***** Extracted data *****

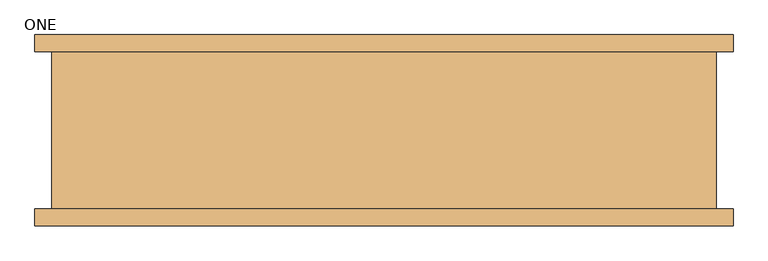
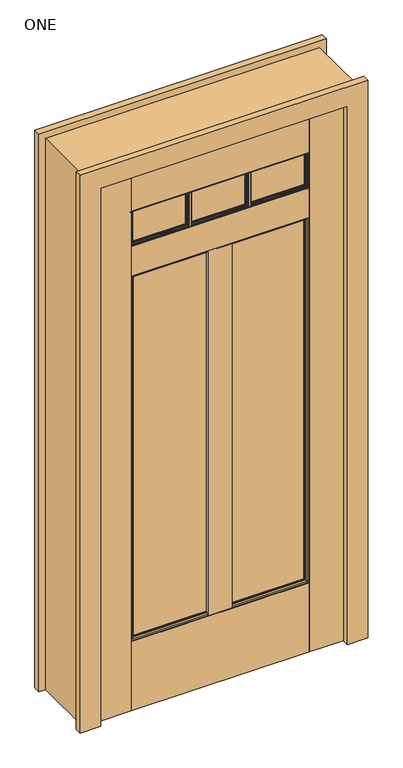
"""IFC4 building model written with IfcOpenShell, lengths in millimetres: door geometry, Door-Exterior-Simpson-Craftsman : ONE."""

import ifcopenshell
import ifcopenshell.guid

model = None  # the IFC model being written
_history = None  # IfcOwnerHistory: only IFC2X3 demands one
_inside = {}  # id of a spatial element -> (the spatial element, [elements in it])
_under = {}  # id of a project, library or spatial element -> (it, [spatial elements below it])
_declared = {}  # id of a project -> (the project, [libraries it declares])
_typed = {}  # id of a type object -> (the type object, [elements of that type])
_made_of = {}  # id of a material, layer set ... -> (it, [elements and type objects made of it])


def new_model(schema):
    """Start an empty IFC model of exactly this schema.

    Asked for "IFC4X3", IfcOpenShell would pick the latest addendum, in which some entities
    have other attributes; the version numbers below select the first issue.
    IFC2X3 requires an IfcOwnerHistory on every rooted entity: one is made here for all.
    """
    global model, _history
    if schema == "IFC4X3":
        model = ifcopenshell.file(schema_version=(4, 3, 0, 0))
    else:
        model = ifcopenshell.file(schema=schema)
    _inside.clear()
    _under.clear()
    _declared.clear()
    _typed.clear()
    _made_of.clear()
    _history = None
    if model.schema == "IFC2X3":
        org = make("IfcOrganization", Name="unknown")
        user = make(
            "IfcPersonAndOrganization",
            ThePerson=make("IfcPerson", FamilyName="unknown"),
            TheOrganization=org,
        )
        app = make(
            "IfcApplication",
            ApplicationDeveloper=org,
            Version="unknown",
            ApplicationFullName="unknown",
            ApplicationIdentifier="unknown",
        )
        _history = make(
            "IfcOwnerHistory",
            OwningUser=user,
            OwningApplication=app,
            ChangeAction="ADDED",
            CreationDate=0,
        )
    return model


def make(cls, **values):
    """One entity of the class cls with the attributes given. An attribute that is None is left unset."""
    return model.create_entity(
        cls, **{name: value for name, value in values.items() if value is not None}
    )


def rooted(cls, **values):
    """An entity with a GlobalId (a new one), such as an element, a storey or a relation."""
    return make(cls, GlobalId=ifcopenshell.guid.new(), OwnerHistory=_history, **values)


def si_unit(unit_type, name, prefix=None):
    """IfcSIUnit, for example si_unit("LENGTHUNIT", "METRE", prefix="MILLI")."""
    return make("IfcSIUnit", UnitType=unit_type, Prefix=prefix, Name=name)


def assignment(units):
    """IfcUnitAssignment: the units of a project."""
    return None if units is None else make("IfcUnitAssignment", Units=units)


def point(xyz):
    """IfcCartesianPoint."""
    return None if xyz is None else make("IfcCartesianPoint", Coordinates=xyz)


def direction(xyz):
    """IfcDirection."""
    return None if xyz is None else make("IfcDirection", DirectionRatios=xyz)


def frame(location, z_axis=None, x_axis=None):
    """IfcAxis2Placement3D, a coordinate frame: its origin and axes. An axis left out is left unset."""
    return make(
        "IfcAxis2Placement3D",
        Location=point(location),
        Axis=direction(z_axis),
        RefDirection=direction(x_axis),
    )


def frame_2d(location, x_axis=None):
    """IfcAxis2Placement2D, a coordinate frame in the plane: its origin and x axis."""
    return make(
        "IfcAxis2Placement2D", Location=point(location), RefDirection=direction(x_axis)
    )


def origin():
    """The frame at (0, 0, 0) with its axes left unset."""
    return frame((0.0, 0.0, 0.0))


def origin_with_axes():
    """The frame at (0, 0, 0) with the z axis (0, 0, 1) and the x axis (1, 0, 0) written out."""
    return frame((0.0, 0.0, 0.0), z_axis=(0.0, 0.0, 1.0), x_axis=(1.0, 0.0, 0.0))


def place(relative_to, where):
    """IfcLocalPlacement: puts the frame where relative to a parent placement (None: the world)."""
    return make(
        "IfcLocalPlacement", PlacementRelTo=relative_to, RelativePlacement=where
    )


def context(
    kind, dimensions, precision=None, world=None, true_north=None, identifier=None
):
    """IfcGeometricRepresentationContext, for example the 3D "Model" context."""
    return make(
        "IfcGeometricRepresentationContext",
        ContextIdentifier=identifier,
        ContextType=kind,
        CoordinateSpaceDimension=dimensions,
        Precision=precision,
        WorldCoordinateSystem=world,
        TrueNorth=true_north,
    )


def project(units=None, contexts=None):
    """IfcProject with its units and contexts."""
    return rooted(
        "IfcProject",
        Name="project",
        RepresentationContexts=contexts,
        UnitsInContext=assignment(units),
    )


def spatial(cls, under=None, at=None, **own):
    """A site, building, storey or space (cls), placed at a placement, below another one or the project."""
    s = rooted(cls, ObjectPlacement=at, **own)
    if under is not None:
        _under.setdefault(under.id(), (under, []))[1].append(s)
    return s


def polyline(points):
    """IfcPolyline through the points."""
    return make("IfcPolyline", Points=[point(p) for p in points])


def circle_curve(where, radius):
    """IfcCircle in the frame where."""
    return make("IfcCircle", Position=where, Radius=radius)


def ellipse_curve(where, semi_axis1, semi_axis2):
    """IfcEllipse in the frame where."""
    return make(
        "IfcEllipse", Position=where, SemiAxis1=semi_axis1, SemiAxis2=semi_axis2
    )


def trimmed(basis, trim1, trim2, sense, master):
    """IfcTrimmedCurve: the piece of a basis curve between two trims."""
    return make(
        "IfcTrimmedCurve",
        BasisCurve=basis,
        Trim1=trim1,
        Trim2=trim2,
        SenseAgreement=sense,
        MasterRepresentation=master,
    )


def segment(curve, same_sense, transition):
    """IfcCompositeCurveSegment."""
    return make(
        "IfcCompositeCurveSegment",
        Transition=transition,
        SameSense=same_sense,
        ParentCurve=curve,
    )


def composite_curve(segments, self_intersect=None):
    """IfcCompositeCurve: segments joined end to end."""
    return make("IfcCompositeCurve", Segments=segments, SelfIntersect=self_intersect)


def outline(outer, holes=None, kind="AREA"):
    """IfcArbitraryClosedProfileDef: a profile drawn as a closed curve; with holes, ...WithVoids."""
    if holes is None:
        return make("IfcArbitraryClosedProfileDef", ProfileType=kind, OuterCurve=outer)
    return make(
        "IfcArbitraryProfileDefWithVoids",
        ProfileType=kind,
        OuterCurve=outer,
        InnerCurves=holes,
    )


def extrude(swept, where, along, depth):
    """IfcExtrudedAreaSolid: the profile swept, set in the frame where, extruded along a direction by depth."""
    return make(
        "IfcExtrudedAreaSolid",
        SweptArea=swept,
        Position=where,
        ExtrudedDirection=direction(along),
        Depth=depth,
    )


def faces_of(points, faces, orient=None, outer=None):
    """IfcFace entities. A face is a list of loops; a loop is a list of indices into points, from 0.

    orient and outer hold one flag for each loop. By default every Orientation is true, the
    first loop of a face is its IfcFaceOuterBound and the others are IfcFaceBound.
    """
    made = []
    for i, loops in enumerate(faces):
        bounds = []
        for j, loop in enumerate(loops):
            is_outer = j == 0 if outer is None else outer[i][j]
            bounds.append(
                make(
                    "IfcFaceOuterBound" if is_outer else "IfcFaceBound",
                    Bound=make("IfcPolyLoop", Polygon=[points[k] for k in loop]),
                    Orientation=True if orient is None else orient[i][j],
                )
            )
        made.append(make("IfcFace", Bounds=bounds))
    return made


def faceted_brep(points, faces, orient=None, outer=None, voids=None):
    """IfcFacetedBrep: a solid bounded by flat faces; with voids (closed shells), ...WithVoids."""
    shared = [point(p) for p in points]
    hull = make("IfcClosedShell", CfsFaces=faces_of(shared, faces, orient, outer))
    if voids is None:
        return make("IfcFacetedBrep", Outer=hull)
    return make(
        "IfcFacetedBrepWithVoids",
        Outer=hull,
        Voids=[
            make(cls, CfsFaces=faces_of(shared, fs, o, b)) for cls, fs, o, b in voids
        ],
    )


def shape(context_of_items, identifier, shape_type, items):
    """IfcShapeRepresentation: the items that make up one representation, for example the "Body"."""
    return make(
        "IfcShapeRepresentation",
        ContextOfItems=context_of_items,
        RepresentationIdentifier=identifier,
        RepresentationType=shape_type,
        Items=items,
    )


def source(mapping_origin, context_of_items, identifier, shape_type, items):
    """IfcRepresentationMap: a shape defined once, which mapped items show again and again."""
    return make(
        "IfcRepresentationMap",
        MappingOrigin=mapping_origin,
        MappedRepresentation=shape(context_of_items, identifier, shape_type, items),
    )


def transform(
    local_origin,
    x_axis=None,
    y_axis=None,
    z_axis=None,
    scale=None,
    scale2=None,
    scale3=None,
    uniform=True,
):
    """IfcCartesianTransformationOperator3D, or its non-uniform kind. x_axis, y_axis, z_axis: its Axis1, 2, 3."""
    if uniform:
        return make(
            "IfcCartesianTransformationOperator3D",
            Axis1=direction(x_axis),
            Axis2=direction(y_axis),
            LocalOrigin=point(local_origin),
            Scale=scale,
            Axis3=direction(z_axis),
        )
    return make(
        "IfcCartesianTransformationOperator3DnonUniform",
        Axis1=direction(x_axis),
        Axis2=direction(y_axis),
        LocalOrigin=point(local_origin),
        Scale=scale,
        Axis3=direction(z_axis),
        Scale2=scale2,
        Scale3=scale3,
    )


def mapped(mapping_source, mapping_target):
    """IfcMappedItem: shows the shape of a source again, moved by a transform."""
    return make(
        "IfcMappedItem", MappingSource=mapping_source, MappingTarget=mapping_target
    )


def made_of(thing, what):
    """Note that an element or type object is made of a material, layer set ...; save() writes the relation."""
    if what is not None:
        _made_of.setdefault(what.id(), (what, []))[1].append(thing)
    return thing


def element(
    cls,
    number,
    at=None,
    inside=None,
    cuts=None,
    type_object=None,
    material=None,
    context=None,
    identifier="Body",
    shape_type=None,
    held_by="IfcProductDefinitionShape",
    body=None,
    shapes=None,
    **own,
):
    """One element of the class cls, such as IfcWall. Its Tag is "e" and its number.

    at: its placement. inside: the storey or other place that contains it. cuts: it is an
    opening in that element (IfcRelVoidsElement). A single representation is given by context,
    identifier, shape_type and body (its items); several are given by shapes. held_by: the class
    of the entity that holds the representations. save() writes the other relations.
    """
    e = rooted(cls, Tag="e%d" % number, ObjectPlacement=at, **own)
    if body is not None:
        shapes = [shape(context, identifier, shape_type, body)]
    if shapes is not None:
        e.Representation = make(held_by, Representations=shapes)
    if inside is not None:
        _inside.setdefault(inside.id(), (inside, []))[1].append(e)
    if cuts is not None:
        rooted(
            "IfcRelVoidsElement", RelatingBuildingElement=cuts, RelatedOpeningElement=e
        )
    if type_object is not None:
        _typed.setdefault(type_object.id(), (type_object, []))[1].append(e)
    return made_of(e, material)


def aggregate(whole, parts):
    """IfcRelAggregates: a whole, such as a stair, and the parts it consists of."""
    return rooted("IfcRelAggregates", RelatingObject=whole, RelatedObjects=parts)


def save(model, path):
    """Write the relations noted so far, then the file.

    IfcRelAggregates (storeys below a building ...), IfcRelContainedInSpatialStructure (elements
    in a storey), IfcRelDefinesByType, IfcRelAssociatesMaterial and IfcRelDeclares: one each for
    every whole, place, type object, material and project.
    """
    for whole, parts in _under.values():
        aggregate(whole, parts)
    for where, things in _inside.values():
        rooted(
            "IfcRelContainedInSpatialStructure",
            RelatedElements=things,
            RelatingStructure=where,
        )
    for kind, things in _typed.values():
        rooted("IfcRelDefinesByType", RelatedObjects=things, RelatingType=kind)
    for what, things in _made_of.values():
        rooted("IfcRelAssociatesMaterial", RelatedObjects=things, RelatingMaterial=what)
    for by, libraries in _declared.values():
        rooted("IfcRelDeclares", RelatingContext=by, RelatedDefinitions=libraries)
    model.write(path)


def plane_surface(at):
    """IfcPlane: the flat surface through the origin of the frame at, square to its z axis."""
    return make("IfcPlane", Position=at)


def cylinder_surface(at, radius):
    """IfcCylindricalSurface: all points at the distance radius from the z axis of the frame at."""
    return make("IfcCylindricalSurface", Position=at, Radius=radius)


def advanced_brep(points, edges, surfaces, faces):
    """IfcAdvancedBrep: a solid bounded by faces that lie on surfaces and meet in shared edges.

    An edge is (start, end): straight between two places in points (the first is 0);
    or (start, end, curve); or (start, end, curve, False) where it runs against its curve.
    A face is (place in surfaces, loops), or (place, loops, False) where it looks against
    its surface's normal. A loop lists edges by number (the first is 1), with a minus sign
    where the edge is run from its end to its start. The first loop is the outer one.
    """
    corners = [point(p) for p in points]
    vertices = [make("IfcVertexPoint", VertexGeometry=c) for c in corners]
    made = []
    for start, end, *more in edges:
        made.append(
            make(
                "IfcEdgeCurve",
                EdgeStart=vertices[start],
                EdgeEnd=vertices[end],
                EdgeGeometry=more[0] if more else make("IfcPolyline", Points=[corners[start], corners[end]]),
                SameSense=more[1] if len(more) > 1 else True,
            )
        )
    hull = []
    for where, loops, *sense in faces:
        bounds = []
        for j, loop in enumerate(loops):
            ring = [make("IfcOrientedEdge", EdgeElement=made[abs(k) - 1], Orientation=k > 0) for k in loop]
            bounds.append(
                make(
                    "IfcFaceOuterBound" if j == 0 else "IfcFaceBound",
                    Bound=make("IfcEdgeLoop", EdgeList=ring),
                    Orientation=True,
                )
            )
        hull.append(make("IfcAdvancedFace", Bounds=bounds, FaceSurface=surfaces[where], SameSense=sense[0] if sense else True))
    return make("IfcAdvancedBrep", Outer=make("IfcClosedShell", CfsFaces=hull))


def one_efa2d6c3(model_context):
    return source(origin(), model_context, "Body", "SolidModel", [
        extrude(outline(composite_curve([segment(polyline([(114.0354167, -78.5495), (114.0354167, -80.264), (116.1486027, -80.6366117)]), True, "CONTINUOUS"), segment(trimmed(circle_curve(frame_2d((115.7075363, -83.1380234)), 2.54), [point((116.1486027, -80.6366117))], [point((118.208948, -82.696957))], False, "CARTESIAN"), True, "CONTINUOUS"), segment(polyline([(118.208948, -82.696957), (118.7696182, -85.8766758), (120.0821906, -85.991511)]), True, "CONTINUOUS"), segment(trimmed(circle_curve(frame_2d((120.0157779, -86.7506113)), 0.762), [point((120.0821906, -85.991511))], [point((120.7662014, -86.6182914))], False, "CARTESIAN"), True, "CONTINUOUS"), segment(polyline([(120.7662014, -86.6182914), (121.1685282, -88.9), (98.9648051, -88.9), (99.3671319, -86.6182914)]), True, "CONTINUOUS"), segment(trimmed(circle_curve(frame_2d((100.1175554, -86.7506113)), 0.762), [point((99.3671319, -86.6182914))], [point((100.0511427, -85.991511))], False, "CARTESIAN"), True, "CONTINUOUS"), segment(polyline([(100.0511427, -85.991511), (101.3637152, -85.8766758), (101.9243854, -82.696957)]), True, "CONTINUOUS"), segment(trimmed(circle_curve(frame_2d((104.4257971, -83.1380234)), 2.54), [point((101.9243854, -82.696957))], [point((103.9847307, -80.6366117))], False, "CARTESIAN"), True, "CONTINUOUS"), segment(polyline([(103.9847307, -80.6366117), (106.0979167, -80.264), (106.0979167, -78.5495), (114.0354167, -78.5495)]), True, "CONTINUOUS")], self_intersect=False)), frame((0.0, 0.0, 1817.6875), z_axis=(0.0, 0.0, 1.0), x_axis=(1.0, 0.0, 0.0)), (0.0, 0.0, 1.0), 139.7),
        extrude(outline(composite_curve([segment(polyline([(114.0354167, -118.3005), (106.0979167, -118.3005), (106.0979167, -116.586), (103.9847307, -116.2133883)]), True, "CONTINUOUS"), segment(trimmed(circle_curve(frame_2d((104.4257971, -113.7119766)), 2.54), [point((103.9847307, -116.2133883))], [point((101.9243854, -114.153043))], False, "CARTESIAN"), True, "CONTINUOUS"), segment(polyline([(101.9243854, -114.153043), (101.3637152, -110.9733242), (100.0511427, -110.858489)]), True, "CONTINUOUS"), segment(trimmed(circle_curve(frame_2d((100.1175554, -110.0993887)), 0.762), [point((100.0511427, -110.858489))], [point((99.3671319, -110.2317086))], False, "CARTESIAN"), True, "CONTINUOUS"), segment(polyline([(99.3671319, -110.2317086), (98.9648051, -107.95), (121.1685282, -107.95), (120.7662014, -110.2317086)]), True, "CONTINUOUS"), segment(trimmed(circle_curve(frame_2d((120.0157779, -110.0993887)), 0.762), [point((120.7662014, -110.2317086))], [point((120.0821906, -110.858489))], False, "CARTESIAN"), True, "CONTINUOUS"), segment(polyline([(120.0821906, -110.858489), (118.7696182, -110.9733242), (118.208948, -114.153043)]), True, "CONTINUOUS"), segment(trimmed(circle_curve(frame_2d((115.7075363, -113.7119766)), 2.54), [point((118.208948, -114.153043))], [point((116.1486027, -116.2133883))], False, "CARTESIAN"), True, "CONTINUOUS"), segment(polyline([(116.1486027, -116.2133883), (114.0354167, -116.586), (114.0354167, -118.3005)]), True, "CONTINUOUS")], self_intersect=False)), frame((0.0, 0.0, 1817.6875), z_axis=(0.0, 0.0, 1.0), x_axis=(1.0, 0.0, 0.0)), (0.0, 0.0, 1.0), 139.7),
        extrude(outline(composite_curve([segment(polyline([(-106.0979167, -78.5495), (-106.0979167, -80.264), (-103.9847307, -80.6366117)]), True, "CONTINUOUS"), segment(trimmed(circle_curve(frame_2d((-104.4257971, -83.1380234)), 2.54), [point((-103.9847307, -80.6366117))], [point((-101.9243854, -82.696957))], False, "CARTESIAN"), True, "CONTINUOUS"), segment(polyline([(-101.9243854, -82.696957), (-101.3637152, -85.8766758), (-100.0511427, -85.991511)]), True, "CONTINUOUS"), segment(trimmed(circle_curve(frame_2d((-100.1175554, -86.7506113)), 0.762), [point((-100.0511427, -85.991511))], [point((-99.3671319, -86.6182914))], False, "CARTESIAN"), True, "CONTINUOUS"), segment(polyline([(-99.3671319, -86.6182914), (-98.9648051, -88.9), (-121.1685282, -88.9), (-120.7662014, -86.6182914)]), True, "CONTINUOUS"), segment(trimmed(circle_curve(frame_2d((-120.0157779, -86.7506113)), 0.762), [point((-120.7662014, -86.6182914))], [point((-120.0821906, -85.991511))], False, "CARTESIAN"), True, "CONTINUOUS"), segment(polyline([(-120.0821906, -85.991511), (-118.7696182, -85.8766758), (-118.208948, -82.696957)]), True, "CONTINUOUS"), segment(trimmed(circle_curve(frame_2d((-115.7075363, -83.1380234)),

*****

Problem details:
Collect the complete line wherever the string "from" appears in the records.

Task response:
    """IfcFace entities. A face is a list of loops; a loop is a list of indices into points, from 0.
    """IfcCylindricalSurface: all points at the distance radius from the z axis of the frame at."""
    where the edge is run from its end to its start. The first loop is the outer one.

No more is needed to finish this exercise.